Contar os segredos dos filhos pode encobrir a deslealdade com a intimidade e a privacidade dos mesmos. Inúmeros adultos relatam que perderam a possibilidade de ter intimidade com seus pais; e a maioria deles lembra que isso começou a acontecer quando eram crianças e compartilhavam com seus pais suas dificuldades, suas conquistas, seus sentimentos e, quando menos esperavam, esse assunto estava nas conversas dos parentes, dos vizinhos, dos professores.
Outra questão muito séria, é a de que a maioria dos pais acha que tem direitos de invadir a privacidade dos filhos, em nome dos cuidados, em nome de manter o controle sobre coisas erradas que ele possa fazer, e outras razões que podem ser realmente necessárias. Com esse álibi, cometem atos que, além de invadir a intimidade dos filhos, de deturpar a noção do que é pessoal, familiar, público, cortam, aos poucos, os laços de afetividade e intimidade entre eles.
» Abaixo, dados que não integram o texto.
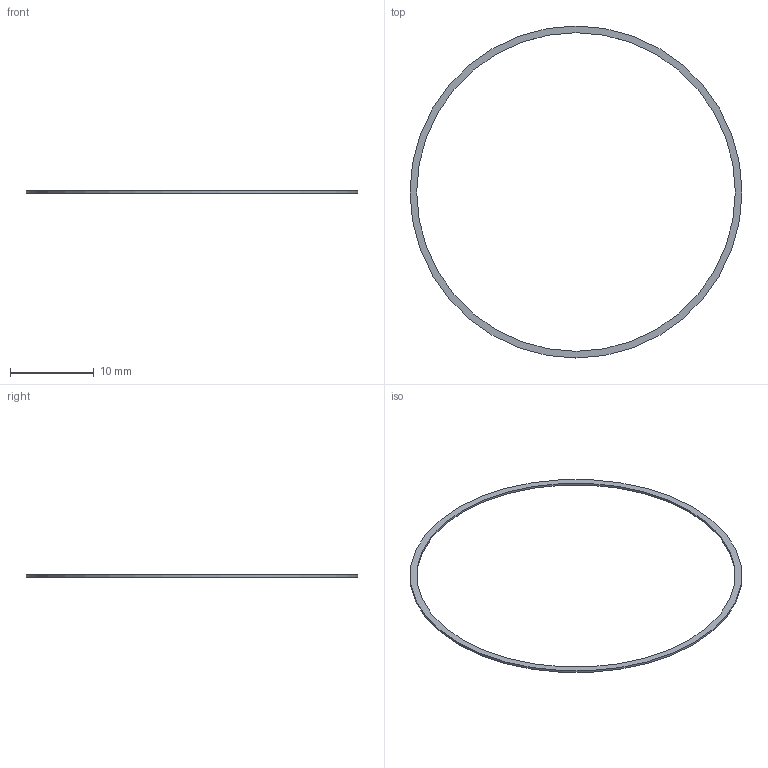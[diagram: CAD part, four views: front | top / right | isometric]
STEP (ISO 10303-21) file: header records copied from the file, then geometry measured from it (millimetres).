
FILE_DESCRIPTION(/* description */ (''),/* implementation_level */ '2;1');
FILE_NAME(/* name */ 'C27_R2_Speaker_Front_Gasket.step',/* time_stamp */ '2026-09-10T17:49:02-07:00',/* author */ (''),/* organization */ (''),/* preprocessor_version */ 'ST-DEVELOPER v20.1',/* originating_system */ 'Autodesk Translation Framework v15.8.0.0',/* authorisation */ '');
FILE_SCHEMA (('AUTOMOTIVE_DESIGN { 1 0 10303 214 3 1 1 }'));
Length unit declared in the file: millimetre
Products named in the file (1): 2026-09-10-17-49-02-510
Bounding box: 39.6 x 39.6 x 0.25 mm (x, y, z)
Volume: 24.4 mm3; surface area: 256 mm2
Topology: 1 solids, 1 shells, 4 faces, 6 edges, 4 vertices
Faces by surface type: cylinder 2, plane 2
Full cylindrical faces by diameter (mm): 38 x1, 39.6 x1
Entity records: 131 total; most frequent: DIRECTION 20, CARTESIAN_POINT 15, ORIENTED_EDGE 12, AXIS2_PLACEMENT_3D 9, EDGE_LOOP 6, EDGE_CURVE 6, FACE_OUTER_BOUND 4, CIRCLE 4

Uma outra questão, também ligada à definição de privacidade, é o excesso de intimidade entre pais e filhos. É comum encontrarmos mães que se orgulham de serem “as melhores amigas” das suas filhas. Pais que repetem essa afirmação são mais raros, mas existem. Quando essa situação acontece, é possível que, nessa família ou nesse vínculo, encontremos funções invertidas ou não desempenhadas, intimidades devassadas.
Não é tarefa e função de mãe ser a melhor amiga e confidente da filha. Para desempenhar as funções indispensáveis de maternagem e paternagem, os pais precisam ter papéis e funções claramente definidos e fazer uso adequado da autoridade. Amigo e confidente não tem essa tarefa. Filhos devem ter amigos e confidentes da sua própria idade, etapa e competência. Pais são orientadores e organizadores; precisam ser. E para isso, o excesso de intimidade pode atrapalhar. O limite entre ser intimo dos filhos e realizar as funções parentais é tênue, e depende do que os pais viveram nas suas próprias histórias.
Pais podem ser amigos, confidentes dos filhos, quando estes já tiverem idade e competências suficientes, quando forem adultos. Então, será puro prazer compartilhar de igual para igual. Entretanto, isso só é possível e só vai acontecer se souberem manter as limitações, tarefas e funções de cada uma das fases.